◆ Data provided:
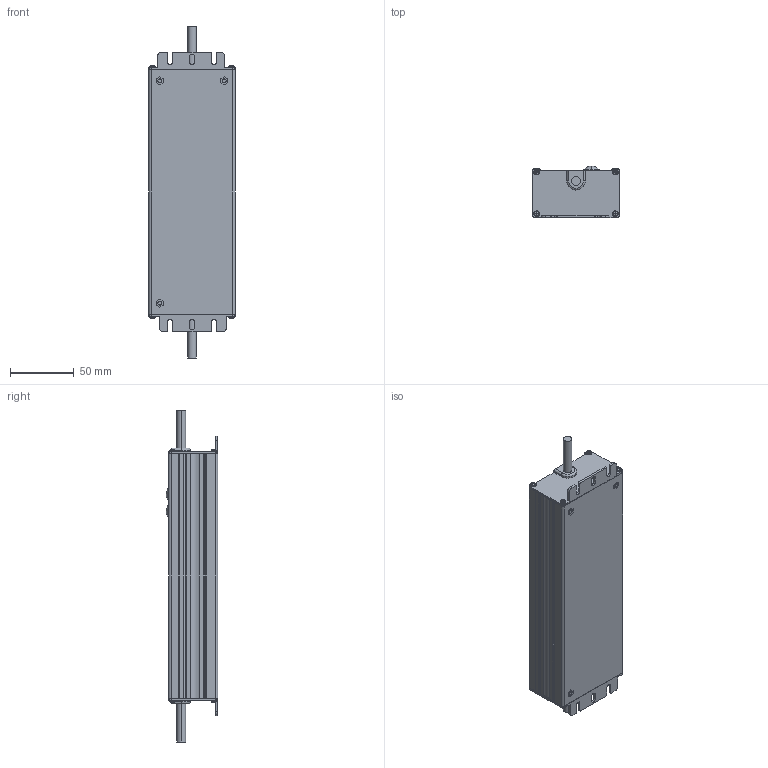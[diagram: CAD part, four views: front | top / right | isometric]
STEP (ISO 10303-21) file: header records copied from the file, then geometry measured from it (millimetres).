
FILE_DESCRIPTION((''),'2;1');
FILE_NAME('LNE-XXV100W_120W_AXA_ASM_ASM_ASM','2017-10-13T',('LEON.YEH'),(''),'PRO/ENGINEER BY PARAMETRIC TECHNOLOGY CORPORATION, 2010280','PRO/ENGINEER BY PARAMETRIC TECHNOLOGY CORPORATION, 2010280','');
FILE_SCHEMA(('CONFIG_CONTROL_DESIGN'));
Length unit declared in the file: millimetre
Products named in the file (12): LHE-185W_CHASSIS__W___ANY_1_7; LHE-185W_COVER__W___ANY_1_7; RUBBER_SEAL__W___ANY_1_6; M3_SCREW_BAR__W___ANY_1_6; FIX_BOARD-AC-NEW__W___ANY_1_6; LABEL_4_9; SCREW_02__W___ANY_1_6; PLUG-15__W___ANY_1_6; GM-3IV0-NEW__W___ANY_3_6; PCB-185W__W___ANY_1_9; LNE-120WAXA_ASM_ASM_6_ASM; LNE-XXV100W_120W_AXA_ASM_ASM_ASM
Assembly tree (24 placements, depth 3):
  LNE-XXV100W_120W_AXA_ASM_ASM_ASM
    LNE-120WAXA_ASM_ASM_6_ASM
      LHE-185W_CHASSIS__W___ANY_1_7
      LHE-185W_COVER__W___ANY_1_7
      RUBBER_SEAL__W___ANY_1_6  x2
      M3_SCREW_BAR__W___ANY_1_6  x3
      FIX_BOARD-AC-NEW__W___ANY_1_6  x2
      LABEL_4_9
      SCREW_02__W___ANY_1_6  x8
      PLUG-15__W___ANY_1_6  x2
      GM-3IV0-NEW__W___ANY_3_6  x2
      PCB-185W__W___ANY_1_9
Bounding box: 68 x 40.6 x 261.4 mm (x, y, z)
Volume: 120703 mm3; surface area: 154640.8 mm2
Topology: 23 solids, 23 shells, 1048 faces, 2629 edges, 1672 vertices
Faces by surface type: plane 381, cone 300, cylinder 299, torus 48, bspline 20
Entity records: 14707 total; most frequent: CARTESIAN_POINT 2863, DIRECTION 2629, ORIENTED_EDGE 2346, EDGE_CURVE 1173, AXIS2_PLACEMENT_3D 1003, VERTEX_POINT 787, VECTOR 623, LINE 623
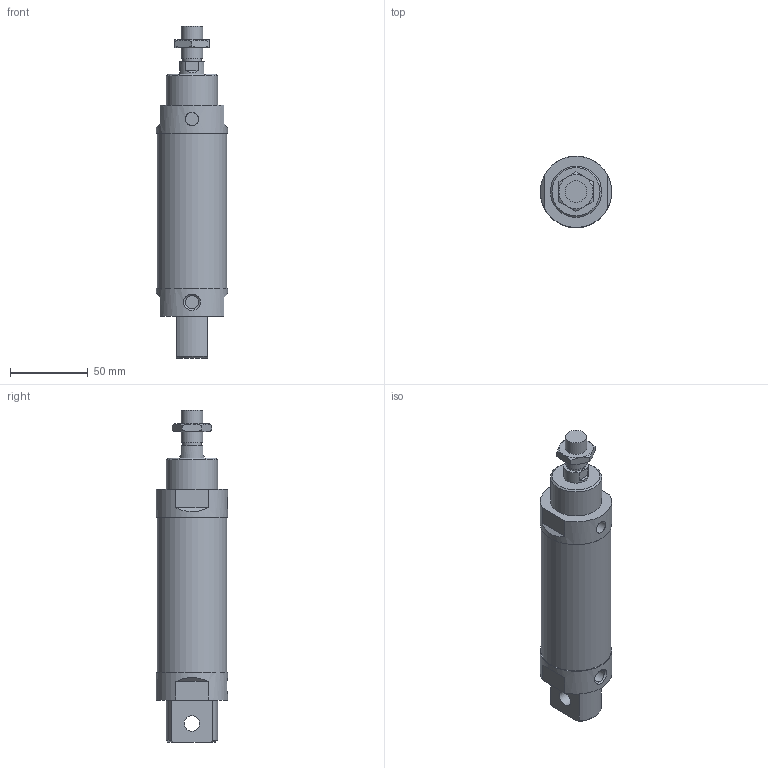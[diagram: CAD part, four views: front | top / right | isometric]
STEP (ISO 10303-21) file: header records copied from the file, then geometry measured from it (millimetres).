
FILE_DESCRIPTION((''),'2;1');
FILE_NAME('I:\3D電子目錄\氣缸\FDA\FDA\FDA\FDA40\FDA40x50.stp','2007-10-23T13:29:48',('66-2f-008'),(''),'Autodesk Inventor 11','Autodesk Inventor 11','');
FILE_SCHEMA(('AUTOMOTIVE_DESIGN { 1 0 10303 214 1 1 1 1 }'));
Length unit declared in the file: millimetre
Products named in the file (1): FDA40
Bounding box: 45.99 x 45.95 x 214 mm (x, y, z)
Volume: 254557.5 mm3; surface area: 30243.7 mm2
Topology: 1 solids, 1 shells, 62 faces, 144 edges, 95 vertices
Faces by surface type: plane 29, cone 15, cylinder 13, bspline 5
Full cylindrical faces by diameter (mm): 8.5 x2, 10 x1, 12 x1, 14 x2, 16 x1, 33 x1, 45 x1, 46 x2
Entity records: 1929 total; most frequent: CARTESIAN_POINT 638, DIRECTION 256, ORIENTED_EDGE 250, EDGE_CURVE 125, AXIS2_PLACEMENT_3D 106, VERTEX_POINT 88, EDGE_LOOP 87, FACE_OUTER_BOUND 62

◆ Instructions for the task:
Count every line of the records that holds "edges". State the number, nothing else.

◆ Answer space:
2